Politics had always been the spur for the dadaists, though. Early on, Höch had watched her landlord splice his face onto a photo of an “ideal” German soldier, and she knew right away where she could take collage next. She assaulted the drearily rotten Weimar Republic a pair of scissors.

First the knife, possibly the same knife with which Tristan Tzara had stabbed a dictionary in Zurich and come up with the word “dada ~ n. Fr. slang: a child’s hobby horse”.


“Cut with the Kitchen Knife: Dada Through the Last Weimar Beer-belly Cultural Epoch of Germany” is a 1919 slice-up that layers military, industrial and profoundly bourgeois imagery on top of newsprint, a few splotches of paint and a sloppy sheen of glue. In the midst of all the German pretension that would give birth to the Third Reich are the emancipated women of the age, Greta Garbo among them, and a map of Europe highlighting the countries where women could vote, with a picture of Höch admiring it. There are bathers and ballerinas, Marx and machinery, and a swan dive for a moustache.

“Abduction”, 1925, a European woman carried off by strangers.

The “Ethnographic Museum” series of the early 1920s was where Höch laid some of the groundwork for Mutu. Images of African and Asian sculpture melded with Western body parts, and everyone left wondering which culture was the primitive one, and what was exotic. Stereotypes wouldn’t suffice, let alone be tolerated.

Below, another piece from that series, and “Tamar” from 1930, actually titled “Dompteuse”, in which the sea lion in eye makeup seems more in charge of things than its tamer.

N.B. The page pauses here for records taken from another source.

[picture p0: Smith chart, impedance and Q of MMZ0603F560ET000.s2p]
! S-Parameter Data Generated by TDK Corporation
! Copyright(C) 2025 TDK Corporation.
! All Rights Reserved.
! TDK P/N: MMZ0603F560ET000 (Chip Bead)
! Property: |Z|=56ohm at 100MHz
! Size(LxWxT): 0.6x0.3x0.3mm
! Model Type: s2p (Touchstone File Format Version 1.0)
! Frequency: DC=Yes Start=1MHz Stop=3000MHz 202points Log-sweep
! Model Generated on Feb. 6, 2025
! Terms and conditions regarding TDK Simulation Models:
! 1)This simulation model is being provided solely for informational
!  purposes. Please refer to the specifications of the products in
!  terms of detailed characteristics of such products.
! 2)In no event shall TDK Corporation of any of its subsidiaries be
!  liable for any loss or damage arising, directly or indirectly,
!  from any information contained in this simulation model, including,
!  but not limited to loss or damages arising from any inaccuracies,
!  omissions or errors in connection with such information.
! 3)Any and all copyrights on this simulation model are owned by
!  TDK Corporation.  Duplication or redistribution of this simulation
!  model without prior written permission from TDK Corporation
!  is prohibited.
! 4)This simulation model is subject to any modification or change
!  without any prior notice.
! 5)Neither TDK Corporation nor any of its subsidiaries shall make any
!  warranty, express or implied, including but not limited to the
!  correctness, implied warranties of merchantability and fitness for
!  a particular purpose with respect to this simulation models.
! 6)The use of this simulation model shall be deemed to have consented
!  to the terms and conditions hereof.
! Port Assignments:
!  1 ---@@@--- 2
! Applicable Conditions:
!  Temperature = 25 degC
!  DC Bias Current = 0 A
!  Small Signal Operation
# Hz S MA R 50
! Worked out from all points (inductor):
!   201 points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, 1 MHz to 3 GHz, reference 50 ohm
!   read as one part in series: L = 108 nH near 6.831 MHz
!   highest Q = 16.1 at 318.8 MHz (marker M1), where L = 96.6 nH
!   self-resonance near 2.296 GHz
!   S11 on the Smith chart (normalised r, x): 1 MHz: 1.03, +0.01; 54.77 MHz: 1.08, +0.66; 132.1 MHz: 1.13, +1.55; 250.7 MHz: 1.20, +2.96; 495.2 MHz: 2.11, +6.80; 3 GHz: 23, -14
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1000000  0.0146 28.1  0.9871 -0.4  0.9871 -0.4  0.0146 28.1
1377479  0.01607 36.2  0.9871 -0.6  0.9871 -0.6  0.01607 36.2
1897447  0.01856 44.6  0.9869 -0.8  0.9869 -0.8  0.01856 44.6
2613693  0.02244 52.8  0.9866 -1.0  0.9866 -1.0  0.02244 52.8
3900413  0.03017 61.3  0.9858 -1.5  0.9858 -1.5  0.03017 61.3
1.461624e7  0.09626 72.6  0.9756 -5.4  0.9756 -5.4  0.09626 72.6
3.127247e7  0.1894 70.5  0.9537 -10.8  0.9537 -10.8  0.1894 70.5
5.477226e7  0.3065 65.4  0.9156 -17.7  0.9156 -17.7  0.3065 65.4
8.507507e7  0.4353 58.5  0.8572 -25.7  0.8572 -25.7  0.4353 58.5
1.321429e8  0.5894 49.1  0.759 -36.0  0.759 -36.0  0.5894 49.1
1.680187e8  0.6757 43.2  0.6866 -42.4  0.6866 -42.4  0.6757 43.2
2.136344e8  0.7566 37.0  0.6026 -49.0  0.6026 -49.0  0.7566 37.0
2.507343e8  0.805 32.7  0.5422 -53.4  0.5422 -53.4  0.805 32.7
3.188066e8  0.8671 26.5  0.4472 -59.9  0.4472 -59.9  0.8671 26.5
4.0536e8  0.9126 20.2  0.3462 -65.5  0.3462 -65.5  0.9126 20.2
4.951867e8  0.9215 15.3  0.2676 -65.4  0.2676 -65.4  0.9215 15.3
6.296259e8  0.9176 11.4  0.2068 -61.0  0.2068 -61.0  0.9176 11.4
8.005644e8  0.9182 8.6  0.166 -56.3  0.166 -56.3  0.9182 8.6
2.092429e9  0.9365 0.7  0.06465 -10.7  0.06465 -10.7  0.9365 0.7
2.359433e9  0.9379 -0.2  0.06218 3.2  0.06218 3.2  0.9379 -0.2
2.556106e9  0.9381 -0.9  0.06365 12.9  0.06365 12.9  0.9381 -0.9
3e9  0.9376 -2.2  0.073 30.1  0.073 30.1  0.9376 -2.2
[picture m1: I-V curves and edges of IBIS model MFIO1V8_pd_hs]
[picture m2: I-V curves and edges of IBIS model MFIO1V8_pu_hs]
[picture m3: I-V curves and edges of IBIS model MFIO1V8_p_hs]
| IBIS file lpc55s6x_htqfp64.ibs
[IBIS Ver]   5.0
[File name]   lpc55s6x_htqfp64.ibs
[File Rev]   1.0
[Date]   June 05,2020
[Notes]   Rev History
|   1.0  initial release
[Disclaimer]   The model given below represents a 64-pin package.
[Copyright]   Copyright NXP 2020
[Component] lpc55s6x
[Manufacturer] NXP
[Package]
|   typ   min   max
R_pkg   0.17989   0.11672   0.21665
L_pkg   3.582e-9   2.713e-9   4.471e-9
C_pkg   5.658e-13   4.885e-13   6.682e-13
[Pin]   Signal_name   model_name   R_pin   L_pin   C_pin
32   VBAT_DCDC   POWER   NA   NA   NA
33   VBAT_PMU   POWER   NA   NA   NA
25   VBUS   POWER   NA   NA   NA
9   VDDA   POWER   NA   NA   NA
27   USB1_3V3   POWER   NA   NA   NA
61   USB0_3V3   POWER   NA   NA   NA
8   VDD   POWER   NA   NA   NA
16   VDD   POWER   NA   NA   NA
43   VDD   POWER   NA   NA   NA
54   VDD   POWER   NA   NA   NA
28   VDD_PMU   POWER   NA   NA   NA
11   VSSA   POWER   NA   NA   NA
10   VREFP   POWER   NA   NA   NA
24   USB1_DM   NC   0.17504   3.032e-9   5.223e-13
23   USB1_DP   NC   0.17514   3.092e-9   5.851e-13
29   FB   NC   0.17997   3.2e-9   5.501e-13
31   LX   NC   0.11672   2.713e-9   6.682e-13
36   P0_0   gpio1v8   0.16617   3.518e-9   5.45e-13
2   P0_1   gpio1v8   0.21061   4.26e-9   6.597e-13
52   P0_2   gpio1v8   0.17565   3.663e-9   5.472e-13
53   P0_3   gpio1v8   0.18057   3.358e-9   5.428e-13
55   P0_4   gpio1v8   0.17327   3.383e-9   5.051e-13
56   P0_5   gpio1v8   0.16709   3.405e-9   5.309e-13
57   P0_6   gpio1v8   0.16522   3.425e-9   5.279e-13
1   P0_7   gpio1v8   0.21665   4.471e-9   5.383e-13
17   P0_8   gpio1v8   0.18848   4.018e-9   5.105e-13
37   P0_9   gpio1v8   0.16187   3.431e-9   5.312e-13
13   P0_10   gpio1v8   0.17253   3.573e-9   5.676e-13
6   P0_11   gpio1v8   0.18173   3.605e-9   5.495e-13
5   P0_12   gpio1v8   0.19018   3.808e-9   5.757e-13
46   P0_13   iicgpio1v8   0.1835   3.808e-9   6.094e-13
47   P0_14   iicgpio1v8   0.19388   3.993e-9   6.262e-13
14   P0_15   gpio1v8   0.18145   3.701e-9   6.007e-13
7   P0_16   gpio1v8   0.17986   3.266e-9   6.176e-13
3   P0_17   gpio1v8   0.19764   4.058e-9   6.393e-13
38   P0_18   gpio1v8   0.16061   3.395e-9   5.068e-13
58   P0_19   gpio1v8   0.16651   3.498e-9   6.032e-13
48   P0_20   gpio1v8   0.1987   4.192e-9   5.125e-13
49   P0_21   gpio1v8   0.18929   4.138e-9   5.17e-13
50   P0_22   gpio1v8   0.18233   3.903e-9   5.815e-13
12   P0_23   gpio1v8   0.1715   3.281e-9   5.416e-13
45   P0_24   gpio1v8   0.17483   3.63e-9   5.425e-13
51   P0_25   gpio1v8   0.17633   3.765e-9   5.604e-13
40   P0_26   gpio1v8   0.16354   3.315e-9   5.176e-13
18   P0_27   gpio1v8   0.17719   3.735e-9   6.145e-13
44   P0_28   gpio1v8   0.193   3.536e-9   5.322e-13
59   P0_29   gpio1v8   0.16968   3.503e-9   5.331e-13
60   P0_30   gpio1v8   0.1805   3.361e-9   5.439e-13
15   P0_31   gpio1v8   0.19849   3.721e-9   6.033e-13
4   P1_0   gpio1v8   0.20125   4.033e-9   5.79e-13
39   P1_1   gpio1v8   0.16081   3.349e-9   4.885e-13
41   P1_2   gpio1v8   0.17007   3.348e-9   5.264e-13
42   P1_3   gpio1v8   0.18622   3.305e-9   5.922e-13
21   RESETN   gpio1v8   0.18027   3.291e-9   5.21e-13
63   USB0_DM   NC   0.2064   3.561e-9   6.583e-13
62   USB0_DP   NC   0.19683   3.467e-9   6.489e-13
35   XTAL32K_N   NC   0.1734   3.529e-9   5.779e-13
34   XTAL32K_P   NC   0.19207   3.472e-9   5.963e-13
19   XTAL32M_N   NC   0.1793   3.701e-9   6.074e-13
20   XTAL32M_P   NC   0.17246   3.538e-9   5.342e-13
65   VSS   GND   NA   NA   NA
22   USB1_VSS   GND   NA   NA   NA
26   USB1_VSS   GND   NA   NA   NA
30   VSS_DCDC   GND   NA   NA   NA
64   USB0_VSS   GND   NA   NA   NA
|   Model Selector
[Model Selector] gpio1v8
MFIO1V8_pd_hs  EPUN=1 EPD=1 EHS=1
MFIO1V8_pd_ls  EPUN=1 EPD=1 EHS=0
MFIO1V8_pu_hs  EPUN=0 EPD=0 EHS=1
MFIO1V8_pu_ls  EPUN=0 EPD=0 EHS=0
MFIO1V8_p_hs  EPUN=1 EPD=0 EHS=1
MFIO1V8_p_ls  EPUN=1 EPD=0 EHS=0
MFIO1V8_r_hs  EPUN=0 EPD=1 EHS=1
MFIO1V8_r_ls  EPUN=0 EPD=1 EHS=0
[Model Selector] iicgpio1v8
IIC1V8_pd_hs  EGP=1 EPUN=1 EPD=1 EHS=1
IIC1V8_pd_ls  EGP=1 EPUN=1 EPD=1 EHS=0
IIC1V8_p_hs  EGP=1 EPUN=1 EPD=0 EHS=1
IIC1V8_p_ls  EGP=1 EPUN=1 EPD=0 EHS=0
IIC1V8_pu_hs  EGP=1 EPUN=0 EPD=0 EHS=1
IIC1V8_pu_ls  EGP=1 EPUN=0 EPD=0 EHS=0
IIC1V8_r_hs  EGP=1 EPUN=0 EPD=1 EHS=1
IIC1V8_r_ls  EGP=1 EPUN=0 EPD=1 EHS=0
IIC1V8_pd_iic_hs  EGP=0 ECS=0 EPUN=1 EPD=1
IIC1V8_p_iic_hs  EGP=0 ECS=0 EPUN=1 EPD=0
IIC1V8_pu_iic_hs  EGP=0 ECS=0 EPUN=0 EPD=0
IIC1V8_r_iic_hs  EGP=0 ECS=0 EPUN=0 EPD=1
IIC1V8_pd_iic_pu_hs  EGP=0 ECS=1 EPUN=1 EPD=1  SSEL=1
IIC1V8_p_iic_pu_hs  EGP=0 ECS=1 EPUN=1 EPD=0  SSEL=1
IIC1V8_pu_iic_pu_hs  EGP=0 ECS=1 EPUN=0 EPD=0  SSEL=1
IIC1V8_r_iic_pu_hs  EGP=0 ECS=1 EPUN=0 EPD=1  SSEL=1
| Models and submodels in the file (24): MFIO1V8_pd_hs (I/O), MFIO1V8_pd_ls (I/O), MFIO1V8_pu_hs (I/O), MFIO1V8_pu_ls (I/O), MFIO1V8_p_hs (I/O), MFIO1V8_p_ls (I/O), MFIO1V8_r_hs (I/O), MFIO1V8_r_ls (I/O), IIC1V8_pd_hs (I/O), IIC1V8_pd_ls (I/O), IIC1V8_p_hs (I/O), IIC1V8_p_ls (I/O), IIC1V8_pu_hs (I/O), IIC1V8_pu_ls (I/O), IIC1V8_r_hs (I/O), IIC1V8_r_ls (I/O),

Höch’s feminism was intense but not militant. If she could demonstrate truth to a world of lies in feminine ways, that’s what she did, creating elegant, even delicate paintings and collages from embroidery patterns, and at the same time venturing into the still-very-new realm of abstraction.

In between there was surrealism ripe on the branch. Below is “Die Treppe” from 1923-26.

And there was iconic expressionism. Below is “Two Heads” from 1926, originally titled “Imaginary Bridge”. Höch — depicted at right in a 1992 digital photomontage by American illustrator Alan Magee — was caricaturing herself and Hausmann, who used mannequin heads in his own work. Höch’s niece, Eva-Maria Rossner, has said she was illustrating her frustration at being unable to have a child by Hausmann, who was married. On his neck is a tableau like a prehistoric cave painting showing a woman screaming at a man, evidently the wife, while an infant floats between the heads.